# Why is CaCl2 better than CaCO3 ?



## kekon (Aug 1, 2005)

Is it only because CaCl2 dissolves better in the water than CaCO3 ? (CaSO4 is recommended together with CaCl2 but it dissolves hard in the water, similarily as CaCO3). Viewing all the threads about preparing RO water I came to the conlusion that the following "set" is a good thing to mineralize RO water:

CaCl2, CaSO4, MgSO4, NaHCO3.

As far as I know CaCl2 and CaSO4 should be mixed in 4:1 ratio but I couldn't find how much NaHCO3 should be added.


----------



## cS (Jan 27, 2004)

kekon said:


> (CaSO4 is recommended together with CaCl2 but it dissolves hard in the water, similarily as CaCO3)


You're probably confusing CaSO4 with MgSO4. 

CaCl2 and MgSO4 are recommended to be used together to increase GH (the measure of Ca & Mg).
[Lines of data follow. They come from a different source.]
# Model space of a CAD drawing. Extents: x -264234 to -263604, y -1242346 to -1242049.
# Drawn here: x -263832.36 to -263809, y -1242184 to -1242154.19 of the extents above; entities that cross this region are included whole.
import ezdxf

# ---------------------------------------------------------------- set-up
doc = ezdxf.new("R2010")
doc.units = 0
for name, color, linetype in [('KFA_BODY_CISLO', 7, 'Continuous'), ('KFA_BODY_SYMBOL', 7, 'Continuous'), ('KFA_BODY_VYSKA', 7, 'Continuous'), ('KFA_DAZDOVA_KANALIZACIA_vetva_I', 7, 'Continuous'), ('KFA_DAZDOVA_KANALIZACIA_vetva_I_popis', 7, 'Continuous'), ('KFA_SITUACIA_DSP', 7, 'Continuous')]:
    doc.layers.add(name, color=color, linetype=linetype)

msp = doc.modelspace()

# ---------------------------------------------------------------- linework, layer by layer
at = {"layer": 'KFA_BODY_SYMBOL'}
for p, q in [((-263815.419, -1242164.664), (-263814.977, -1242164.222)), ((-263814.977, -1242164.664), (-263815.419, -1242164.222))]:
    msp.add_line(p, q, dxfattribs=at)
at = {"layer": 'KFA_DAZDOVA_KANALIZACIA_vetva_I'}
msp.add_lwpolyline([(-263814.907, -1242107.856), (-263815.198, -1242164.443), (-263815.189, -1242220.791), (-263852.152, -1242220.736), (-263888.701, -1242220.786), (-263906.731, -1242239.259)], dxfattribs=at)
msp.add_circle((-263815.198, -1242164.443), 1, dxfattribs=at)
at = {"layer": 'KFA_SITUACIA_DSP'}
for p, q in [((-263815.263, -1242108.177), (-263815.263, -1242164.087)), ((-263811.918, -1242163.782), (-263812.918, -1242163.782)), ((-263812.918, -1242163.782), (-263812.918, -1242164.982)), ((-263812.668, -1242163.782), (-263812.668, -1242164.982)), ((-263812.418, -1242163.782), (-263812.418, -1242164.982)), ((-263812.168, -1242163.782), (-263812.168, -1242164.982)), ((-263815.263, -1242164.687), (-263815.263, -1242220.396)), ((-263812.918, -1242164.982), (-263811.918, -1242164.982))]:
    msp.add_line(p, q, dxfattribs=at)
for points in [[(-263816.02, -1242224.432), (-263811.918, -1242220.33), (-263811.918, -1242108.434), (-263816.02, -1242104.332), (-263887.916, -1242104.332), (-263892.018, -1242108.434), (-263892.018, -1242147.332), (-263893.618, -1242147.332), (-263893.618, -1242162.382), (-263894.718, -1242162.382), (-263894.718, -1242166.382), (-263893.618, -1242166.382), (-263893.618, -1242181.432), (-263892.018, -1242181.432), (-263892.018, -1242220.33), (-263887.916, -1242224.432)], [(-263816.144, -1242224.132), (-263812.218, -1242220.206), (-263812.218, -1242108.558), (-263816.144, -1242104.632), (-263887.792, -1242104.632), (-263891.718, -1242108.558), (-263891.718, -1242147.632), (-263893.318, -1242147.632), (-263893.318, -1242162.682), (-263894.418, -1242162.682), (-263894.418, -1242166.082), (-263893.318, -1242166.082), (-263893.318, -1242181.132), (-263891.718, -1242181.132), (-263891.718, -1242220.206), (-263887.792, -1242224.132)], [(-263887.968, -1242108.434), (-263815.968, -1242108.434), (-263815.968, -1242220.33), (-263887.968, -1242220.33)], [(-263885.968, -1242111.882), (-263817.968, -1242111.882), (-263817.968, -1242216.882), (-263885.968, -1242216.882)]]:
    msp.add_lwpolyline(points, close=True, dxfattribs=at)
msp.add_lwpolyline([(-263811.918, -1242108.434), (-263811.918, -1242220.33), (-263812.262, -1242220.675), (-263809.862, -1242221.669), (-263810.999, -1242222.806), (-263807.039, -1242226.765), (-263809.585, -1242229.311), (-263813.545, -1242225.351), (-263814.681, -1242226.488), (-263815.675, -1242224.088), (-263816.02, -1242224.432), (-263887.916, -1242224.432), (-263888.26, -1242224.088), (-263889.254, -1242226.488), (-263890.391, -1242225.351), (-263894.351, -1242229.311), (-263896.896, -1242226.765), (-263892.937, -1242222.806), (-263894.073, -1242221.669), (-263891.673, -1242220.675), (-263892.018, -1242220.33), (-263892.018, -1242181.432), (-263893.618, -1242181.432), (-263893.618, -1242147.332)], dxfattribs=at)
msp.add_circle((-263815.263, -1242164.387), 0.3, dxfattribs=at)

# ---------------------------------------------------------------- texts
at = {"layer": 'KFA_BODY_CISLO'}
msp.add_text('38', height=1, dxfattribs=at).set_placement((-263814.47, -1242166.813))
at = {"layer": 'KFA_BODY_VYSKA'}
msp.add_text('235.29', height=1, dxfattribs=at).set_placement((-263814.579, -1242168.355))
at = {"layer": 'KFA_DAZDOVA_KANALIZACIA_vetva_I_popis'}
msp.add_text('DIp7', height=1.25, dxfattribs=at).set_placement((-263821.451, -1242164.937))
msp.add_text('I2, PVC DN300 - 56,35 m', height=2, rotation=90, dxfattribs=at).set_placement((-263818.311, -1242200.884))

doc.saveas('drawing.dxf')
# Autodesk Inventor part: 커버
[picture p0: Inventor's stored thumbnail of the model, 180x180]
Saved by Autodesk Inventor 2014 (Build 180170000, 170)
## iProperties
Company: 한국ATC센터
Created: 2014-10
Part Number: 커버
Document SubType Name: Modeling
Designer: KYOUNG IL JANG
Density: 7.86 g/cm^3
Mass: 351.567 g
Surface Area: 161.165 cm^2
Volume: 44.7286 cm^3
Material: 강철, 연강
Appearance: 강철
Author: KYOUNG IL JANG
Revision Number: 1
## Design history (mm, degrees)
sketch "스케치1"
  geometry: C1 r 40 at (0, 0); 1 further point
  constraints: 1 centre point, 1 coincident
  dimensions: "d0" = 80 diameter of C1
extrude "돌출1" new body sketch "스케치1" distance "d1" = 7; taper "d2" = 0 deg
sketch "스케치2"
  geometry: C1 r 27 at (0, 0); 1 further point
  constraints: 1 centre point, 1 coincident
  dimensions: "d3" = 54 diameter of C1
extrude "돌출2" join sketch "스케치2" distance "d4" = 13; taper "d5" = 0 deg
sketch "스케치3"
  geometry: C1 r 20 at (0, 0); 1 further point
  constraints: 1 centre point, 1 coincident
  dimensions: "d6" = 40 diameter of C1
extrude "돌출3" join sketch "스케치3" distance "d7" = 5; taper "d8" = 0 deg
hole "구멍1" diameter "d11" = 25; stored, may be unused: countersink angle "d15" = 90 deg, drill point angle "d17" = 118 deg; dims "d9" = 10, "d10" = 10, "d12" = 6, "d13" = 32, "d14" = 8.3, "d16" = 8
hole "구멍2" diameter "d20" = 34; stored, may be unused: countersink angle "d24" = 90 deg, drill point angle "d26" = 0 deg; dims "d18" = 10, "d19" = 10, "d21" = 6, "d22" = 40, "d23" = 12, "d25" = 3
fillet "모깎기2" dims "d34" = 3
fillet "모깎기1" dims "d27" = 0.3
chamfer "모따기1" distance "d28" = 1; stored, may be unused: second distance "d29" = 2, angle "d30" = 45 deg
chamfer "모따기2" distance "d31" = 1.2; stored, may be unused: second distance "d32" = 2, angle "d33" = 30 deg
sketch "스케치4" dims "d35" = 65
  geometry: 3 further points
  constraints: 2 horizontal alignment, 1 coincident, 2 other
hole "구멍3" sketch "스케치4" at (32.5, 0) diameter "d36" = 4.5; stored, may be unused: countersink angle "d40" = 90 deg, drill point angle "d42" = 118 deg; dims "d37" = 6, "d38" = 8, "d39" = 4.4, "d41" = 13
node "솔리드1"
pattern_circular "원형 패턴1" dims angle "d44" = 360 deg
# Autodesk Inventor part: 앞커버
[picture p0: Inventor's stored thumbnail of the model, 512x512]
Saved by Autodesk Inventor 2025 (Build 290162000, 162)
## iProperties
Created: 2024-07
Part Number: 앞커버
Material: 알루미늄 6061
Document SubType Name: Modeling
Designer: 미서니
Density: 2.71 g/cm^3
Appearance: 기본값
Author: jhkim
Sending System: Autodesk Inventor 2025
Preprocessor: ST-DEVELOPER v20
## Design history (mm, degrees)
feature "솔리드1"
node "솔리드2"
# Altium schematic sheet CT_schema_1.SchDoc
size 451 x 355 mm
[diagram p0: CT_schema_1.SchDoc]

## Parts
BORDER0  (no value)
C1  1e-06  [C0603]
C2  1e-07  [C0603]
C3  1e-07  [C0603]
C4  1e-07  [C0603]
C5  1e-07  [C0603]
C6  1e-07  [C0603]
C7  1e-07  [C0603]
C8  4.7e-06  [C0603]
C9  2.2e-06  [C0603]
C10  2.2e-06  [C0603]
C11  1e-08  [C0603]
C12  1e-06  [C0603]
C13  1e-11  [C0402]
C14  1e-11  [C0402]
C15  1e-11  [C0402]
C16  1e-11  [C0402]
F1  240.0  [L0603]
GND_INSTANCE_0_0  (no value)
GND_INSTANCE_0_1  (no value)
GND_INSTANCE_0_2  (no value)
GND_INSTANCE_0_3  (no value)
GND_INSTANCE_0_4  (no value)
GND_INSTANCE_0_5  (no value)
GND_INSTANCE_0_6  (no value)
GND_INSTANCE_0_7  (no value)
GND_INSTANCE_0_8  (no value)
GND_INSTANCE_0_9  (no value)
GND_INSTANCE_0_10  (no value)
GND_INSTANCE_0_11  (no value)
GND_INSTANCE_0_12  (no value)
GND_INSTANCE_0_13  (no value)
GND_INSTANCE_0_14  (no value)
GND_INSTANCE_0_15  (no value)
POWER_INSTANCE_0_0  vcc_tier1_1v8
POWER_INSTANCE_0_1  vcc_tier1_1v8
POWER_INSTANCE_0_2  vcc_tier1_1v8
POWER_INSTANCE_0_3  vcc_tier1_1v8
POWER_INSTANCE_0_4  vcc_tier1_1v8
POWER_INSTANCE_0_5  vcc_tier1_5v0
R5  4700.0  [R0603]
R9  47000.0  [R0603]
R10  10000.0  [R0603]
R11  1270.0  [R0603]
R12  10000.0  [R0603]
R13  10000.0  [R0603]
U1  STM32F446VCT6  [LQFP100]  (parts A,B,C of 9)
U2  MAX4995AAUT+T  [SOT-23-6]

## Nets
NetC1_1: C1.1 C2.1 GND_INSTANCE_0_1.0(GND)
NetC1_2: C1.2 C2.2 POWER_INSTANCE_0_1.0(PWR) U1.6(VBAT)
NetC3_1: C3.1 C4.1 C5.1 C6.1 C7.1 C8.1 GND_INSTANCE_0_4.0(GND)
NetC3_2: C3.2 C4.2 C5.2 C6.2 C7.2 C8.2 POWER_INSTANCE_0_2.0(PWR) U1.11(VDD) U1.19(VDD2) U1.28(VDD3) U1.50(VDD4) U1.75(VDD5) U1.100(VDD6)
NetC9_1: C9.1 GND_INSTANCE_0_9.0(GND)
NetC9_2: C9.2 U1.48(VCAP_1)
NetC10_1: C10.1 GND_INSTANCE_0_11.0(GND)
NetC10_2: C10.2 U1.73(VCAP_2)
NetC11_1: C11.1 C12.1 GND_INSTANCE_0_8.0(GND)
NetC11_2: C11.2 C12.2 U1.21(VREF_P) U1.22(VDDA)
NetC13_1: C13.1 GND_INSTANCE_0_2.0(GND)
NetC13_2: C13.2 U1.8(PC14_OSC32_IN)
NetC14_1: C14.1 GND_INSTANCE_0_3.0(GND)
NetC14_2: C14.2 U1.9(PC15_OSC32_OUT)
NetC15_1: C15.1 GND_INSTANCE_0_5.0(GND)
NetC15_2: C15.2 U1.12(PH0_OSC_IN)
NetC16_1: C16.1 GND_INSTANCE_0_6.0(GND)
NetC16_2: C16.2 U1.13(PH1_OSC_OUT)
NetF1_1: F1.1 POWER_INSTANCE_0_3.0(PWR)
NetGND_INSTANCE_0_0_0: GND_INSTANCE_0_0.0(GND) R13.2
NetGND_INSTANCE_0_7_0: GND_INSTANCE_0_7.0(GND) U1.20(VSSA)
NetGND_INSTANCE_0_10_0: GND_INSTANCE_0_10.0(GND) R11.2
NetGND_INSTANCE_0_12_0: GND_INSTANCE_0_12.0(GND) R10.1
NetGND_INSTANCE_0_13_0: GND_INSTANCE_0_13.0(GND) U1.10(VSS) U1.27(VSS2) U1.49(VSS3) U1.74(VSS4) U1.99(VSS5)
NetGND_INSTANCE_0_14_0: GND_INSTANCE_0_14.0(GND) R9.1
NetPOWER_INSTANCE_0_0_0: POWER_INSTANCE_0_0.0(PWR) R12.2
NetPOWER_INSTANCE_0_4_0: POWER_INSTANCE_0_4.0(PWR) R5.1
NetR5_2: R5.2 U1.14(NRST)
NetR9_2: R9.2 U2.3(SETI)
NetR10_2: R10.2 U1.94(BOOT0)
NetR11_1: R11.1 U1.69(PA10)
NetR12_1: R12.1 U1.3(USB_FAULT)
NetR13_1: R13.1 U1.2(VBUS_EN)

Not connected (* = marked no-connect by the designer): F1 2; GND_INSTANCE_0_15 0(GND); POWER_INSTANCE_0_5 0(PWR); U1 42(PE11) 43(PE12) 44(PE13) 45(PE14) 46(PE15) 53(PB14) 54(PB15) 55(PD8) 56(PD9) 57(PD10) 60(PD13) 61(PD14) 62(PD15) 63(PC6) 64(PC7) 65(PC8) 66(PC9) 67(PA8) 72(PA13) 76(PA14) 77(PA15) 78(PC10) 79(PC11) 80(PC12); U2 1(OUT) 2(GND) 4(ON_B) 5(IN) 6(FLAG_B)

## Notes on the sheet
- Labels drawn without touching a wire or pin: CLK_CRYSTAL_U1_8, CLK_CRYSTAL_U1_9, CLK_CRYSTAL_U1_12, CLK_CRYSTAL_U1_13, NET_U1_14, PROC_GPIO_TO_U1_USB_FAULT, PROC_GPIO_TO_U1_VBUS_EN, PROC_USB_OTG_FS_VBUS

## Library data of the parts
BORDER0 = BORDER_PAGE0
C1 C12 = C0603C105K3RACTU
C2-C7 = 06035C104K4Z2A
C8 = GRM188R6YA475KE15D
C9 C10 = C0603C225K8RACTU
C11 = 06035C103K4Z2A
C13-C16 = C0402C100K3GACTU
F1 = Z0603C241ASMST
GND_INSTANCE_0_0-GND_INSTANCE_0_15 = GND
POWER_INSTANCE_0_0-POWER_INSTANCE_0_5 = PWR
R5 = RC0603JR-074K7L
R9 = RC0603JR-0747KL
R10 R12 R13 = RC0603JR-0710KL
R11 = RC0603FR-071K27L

CaCl2 is preferred over CaCO3 and CaSO4 because CaCl2 dissolves in water very easily.

The 4:1 *Ca:Mg* ratio is quoted often but I wouldn't give it much thought because the Ca & Mg content of natural water vary greatly. Just add equal amounts of Ca & Mg to bring the GH >=3 degrees and your plants would be just fine.

NaHCO3 (baking soda) is used to increase KH. 1 teaspoon (6 gram) per 50 liters of water will increase the KH by 4 degrees.


----------



## Salt (Apr 5, 2005)

If you are referring to the articles Edward has written, I'm confused by it also. I don't see where he is testing his water and checking his levels. It looks to me like he is adding a bit of this and a pinch of that every couple of days. Following that, it follows to me that CaCl2, CaSO4, and MgSO4 would yield the best results doing it this way, because you are adding additional nutrients that plants need, mainly sulfate and chloride. If you use only CaCO3 and MgCO3 and basically just "add a spoon" every few days without tracking your carbonate levels, then you could be raising your carbonate levels to be too high for some species of plants that are more fussy about carbonates, plus if you are not adding anything else, then the plants will lack chloride and sulfate.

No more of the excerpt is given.